I have trouble with this exercise...

[tzeen4]

Hello, everyone. I have this exercise in my book its the last on the trigonometry chapter so it's the hardest. I've spent 2 days on it already and I can't solve it.

So here it is:
At each corner of the square ABCD with side a=14 meters is standing a flag pole. The flag pole at corner A measures 7 meter, at B - 10, at C - 15. In the square's interior there is a point P which is located at equal distance from every flag-pole top.
a// find the location of this point P, therefore calculate its shortest distance from P to AD and from P to AB.
b// given the distace from P to flag pole D is the same distance as the one to A, B and C, find the flag pole height at corner D.

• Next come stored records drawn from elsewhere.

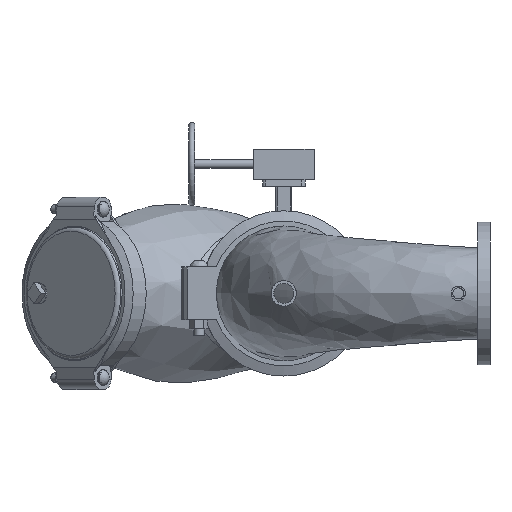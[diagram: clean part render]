
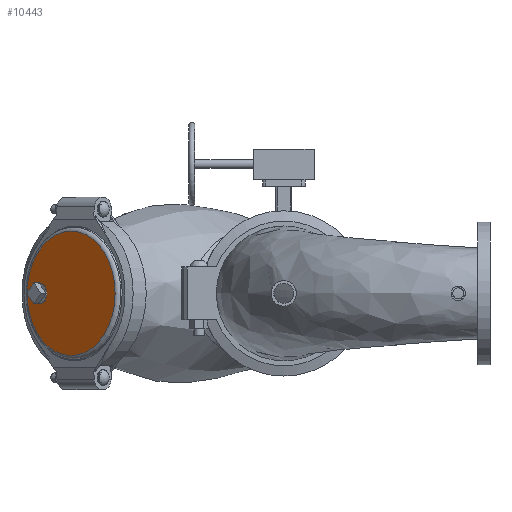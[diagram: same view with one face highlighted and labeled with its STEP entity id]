
A CAD part, front view. The second image highlights one B-rep face of the part: STEP entity #10443.
In plain terms, the highlighted planar face has unit normal (-0.707, -0.707, 0) as drawn and (1, 0, 0) by its records, which use the part's own axes.
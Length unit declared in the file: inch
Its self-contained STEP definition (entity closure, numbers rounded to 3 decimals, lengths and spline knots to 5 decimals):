
#2012=FACE_BOUND('',#2990,.T.);
#2362=FACE_OUTER_BOUND('',#2989,.T.);
#2989=EDGE_LOOP('',(#7716,#7717));
#2990=EDGE_LOOP('',(#7718));
#3608=CIRCLE('',#11556,1.);
#3616=CIRCLE('',#11567,5.8855);
#3617=CIRCLE('',#11568,5.8855);
#4402=VERTEX_POINT('',#21245);
#4410=VERTEX_POINT('',#21266);
#4411=VERTEX_POINT('',#21267);
#5599=EDGE_CURVE('',#4402,#4402,#3608,.T.);
#5608=EDGE_CURVE('',#4410,#4411,#3616,.T.);
#5609=EDGE_CURVE('',#4411,#4410,#3617,.T.);
#7716=ORIENTED_EDGE('',*,*,#5608,.T.);
#7717=ORIENTED_EDGE('',*,*,#5609,.T.);
#7718=ORIENTED_EDGE('',*,*,#5599,.T.);
#9409=PLANE('',#11570);
#10443=ADVANCED_FACE('',(#2362,#2012),#9409,.T.);
#11556=AXIS2_PLACEMENT_3D('',#21247,#13604,#13605);
#11567=AXIS2_PLACEMENT_3D('',#21268,#13627,#13628);
#11568=AXIS2_PLACEMENT_3D('',#21269,#13629,#13630);
#11570=AXIS2_PLACEMENT_3D('',#21271,#13633,#13634);
#13604=DIRECTION('center_axis',(-1.,0.,0.));
#13605=DIRECTION('ref_axis',(0.,0.,1.));
#13627=DIRECTION('center_axis',(1.,0.,0.));
#13628=DIRECTION('ref_axis',(0.,0.,-1.));
#13629=DIRECTION('center_axis',(1.,0.,0.));
#13630=DIRECTION('ref_axis',(0.,0.,-1.));
#13633=DIRECTION('center_axis',(1.,0.,0.));
#13634=DIRECTION('ref_axis',(0.,0.,-1.));
#21245=CARTESIAN_POINT('',(1.68,4.25,-1.));
#21247=CARTESIAN_POINT('Origin',(1.68,4.25,0.));
#21266=CARTESIAN_POINT('',(1.68,5.8855,0.));
#21267=CARTESIAN_POINT('',(1.68,0.,5.8855));
#21268=CARTESIAN_POINT('Origin',(1.68,0.,0.));
#21269=CARTESIAN_POINT('Origin',(1.68,0.,0.));
#21271=CARTESIAN_POINT('Origin',(1.68,0.,0.));

that is my drawing, havent noted the right angles there.
Thanks in advance.

 

[tzeen4]

Its not in the centre, because AA' BB' and CC' have different values and P is at equal distance to all of them, if it was it woudve been a piece of cake.
p.s. I have no idea, because I dont know how long to draw D

 

[Ishuda]

P = (x, y, 0)
A = (0,0,0)
B = (0,14,0)
C = (14,14,0)
D = (14,0,0)
A' = (0,0,7)
B' = (0,14,10)
C = (14,14,0)
D' = (14,0,u)

Write down the three equations fro P to A', P to B', and P to C'. Since they are the same, create two other equation by subtracting, for example, the "A'" equation from the "B'" equation and the "B'" equation from the "C'" equation. This will give you a linear system in x and y. Solve that and continue.

 

[HallsofIvy]

BUT this is what part b) states:
"b// given the distance from P to flag pole D is the same distance as the one to A, B and C,
find the flag pole height at corner D.
That CLEARLY says AP=BP=CP=DP ; so P MUST be at center of square.
Has nothing to do with AA', BB' and CC'.

NO. The problem says that P is equidistant from the flagpole tops. That is A'P= B'P= C'P= D'P, not AP, BP, CP, and DP.